### [EXERCISE DETAILS]
Give every entry below again, exactly as written, and skip the images.

Entries taken from a collection:
· · · · · · ·

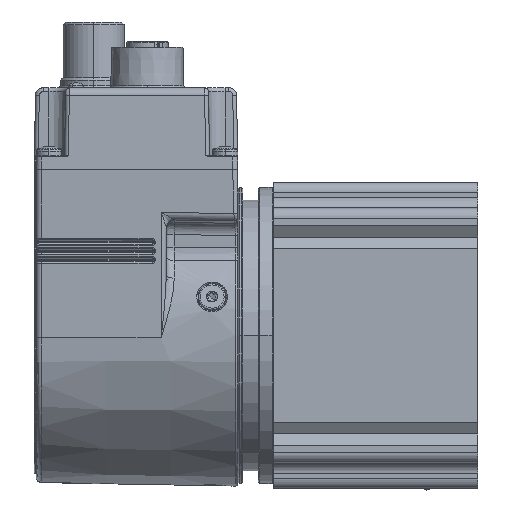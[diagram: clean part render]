
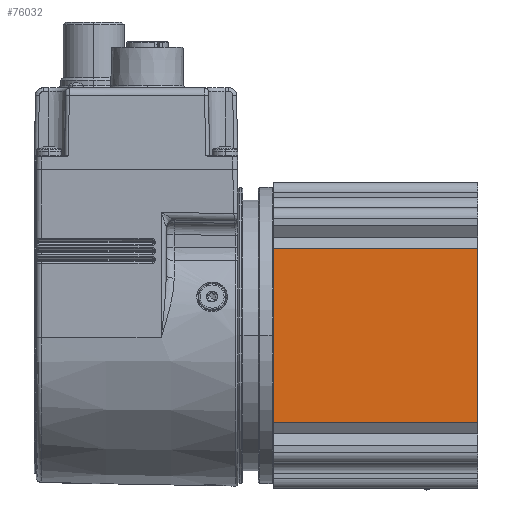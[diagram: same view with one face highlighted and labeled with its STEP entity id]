
A CAD part, front view. The second image highlights one B-rep face of the part: STEP entity #76032.
In plain terms, the highlighted planar face has unit normal (0, -1, 0).
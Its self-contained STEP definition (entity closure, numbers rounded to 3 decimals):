
#72586=DIRECTION('',(1.,0.,0.));
#72587=VECTOR('',#72586,34.172);
#72588=CARTESIAN_POINT('',(-17.086,-30.,0.));
#72589=LINE('',#72588,#72587);
#73632=DIRECTION('',(1.,0.,0.));
#73633=VECTOR('',#73632,34.172);
#73634=CARTESIAN_POINT('',(-17.086,-30.,40.));
#73635=LINE('',#73634,#73633);
#73994=DIRECTION('',(0.,0.,1.));
#73995=VECTOR('',#73994,40.);
#73996=CARTESIAN_POINT('',(-17.086,-30.,0.));
#73997=LINE('',#73996,#73995);
#74001=DIRECTION('',(0.,0.,1.));
#74002=VECTOR('',#74001,40.);
#74003=CARTESIAN_POINT('',(17.086,-30.,0.));
#74004=LINE('',#74003,#74002);
#74852=CARTESIAN_POINT('',(-17.086,-30.,0.));
#74853=VERTEX_POINT('',#74852);
#74854=CARTESIAN_POINT('',(17.086,-30.,0.));
#74855=VERTEX_POINT('',#74854);
#74984=CARTESIAN_POINT('',(-17.086,-30.,40.));
#74985=VERTEX_POINT('',#74984);
#74986=CARTESIAN_POINT('',(17.086,-30.,40.));
#74987=VERTEX_POINT('',#74986);
#76020=CARTESIAN_POINT('',(-17.086,-30.,0.));
#76021=DIRECTION('',(0.,-1.,0.));
#76022=DIRECTION('',(1.,0.,0.));
#76023=AXIS2_PLACEMENT_3D('',#76020,#76021,#76022);
#76024=PLANE('',#76023);
#76025=ORIENTED_EDGE('',*,*,#75268,.F.);
#76026=ORIENTED_EDGE('',*,*,#76015,.T.);
#76027=ORIENTED_EDGE('',*,*,#75651,.T.);
#76029=ORIENTED_EDGE('',*,*,#76028,.F.);
#76030=EDGE_LOOP('',(#76025,#76026,#76027,#76029));
#76031=FACE_OUTER_BOUND('',#76030,.F.);
#75268=EDGE_CURVE('',#74853,#74855,#72589,.T.);
#75651=EDGE_CURVE('',#74985,#74987,#73635,.T.);
#76015=EDGE_CURVE('',#74853,#74985,#73997,.T.);
#76028=EDGE_CURVE('',#74855,#74987,#74004,.T.);
#76032=ADVANCED_FACE('',(#76031),#76024,.T.);

· · · · · · ·

### [YOUR SOLUTION]
[diagram: clean part render]
[diagram: same view with one face highlighted and labeled with its STEP entity id]
A CAD part, front view. The second image highlights one B-rep face of the part: STEP entity #76032.
In plain terms, the highlighted planar face has unit normal (0, -1, 0).
Its self-contained STEP definition (entity closure, numbers rounded to 3 decimals):
#72586=DIRECTION('',(1.,0.,0.));
#72587=VECTOR('',#72586,34.172);
#72588=CARTESIAN_POINT('',(-17.086,-30.,0.));
#72589=LINE('',#72588,#72587);
#73632=DIRECTION('',(1.,0.,0.));
#73633=VECTOR('',#73632,34.172);
#73634=CARTESIAN_POINT('',(-17.086,-30.,40.));
#73635=LINE('',#73634,#73633);
#73994=DIRECTION('',(0.,0.,1.));
#73995=VECTOR('',#73994,40.);
#73996=CARTESIAN_POINT('',(-17.086,-30.,0.));
#73997=LINE('',#73996,#73995);
#74001=DIRECTION('',(0.,0.,1.));
#74002=VECTOR('',#74001,40.);
#74003=CARTESIAN_POINT('',(17.086,-30.,0.));
#74004=LINE('',#74003,#74002);
#74852=CARTESIAN_POINT('',(-17.086,-30.,0.));
#74853=VERTEX_POINT('',#74852);
#74854=CARTESIAN_POINT('',(17.086,-30.,0.));
#74855=VERTEX_POINT('',#74854);
#74984=CARTESIAN_POINT('',(-17.086,-30.,40.));
#74985=VERTEX_POINT('',#74984);
#74986=CARTESIAN_POINT('',(17.086,-30.,40.));
#74987=VERTEX_POINT('',#74986);
#76020=CARTESIAN_POINT('',(-17.086,-30.,0.));
#76021=DIRECTION('',(0.,-1.,0.));
#76022=DIRECTION('',(1.,0.,0.));
#76023=AXIS2_PLACEMENT_3D('',#76020,#76021,#76022);
#76024=PLANE('',#76023);
#76025=ORIENTED_EDGE('',*,*,#75268,.F.);
#76026=ORIENTED_EDGE('',*,*,#76015,.T.);
#76027=ORIENTED_EDGE('',*,*,#75651,.T.);
#76029=ORIENTED_EDGE('',*,*,#76028,.F.);
#76030=EDGE_LOOP('',(#76025,#76026,#76027,#76029));
#76031=FACE_OUTER_BOUND('',#76030,.F.);
#75268=EDGE_CURVE('',#74853,#74855,#72589,.T.);
#75651=EDGE_CURVE('',#74985,#74987,#73635,.T.);
#76015=EDGE_CURVE('',#74853,#74985,#73997,.T.);
#76028=EDGE_CURVE('',#74855,#74987,#74004,.T.);
#76032=ADVANCED_FACE('',(#76031),#76024,.T.);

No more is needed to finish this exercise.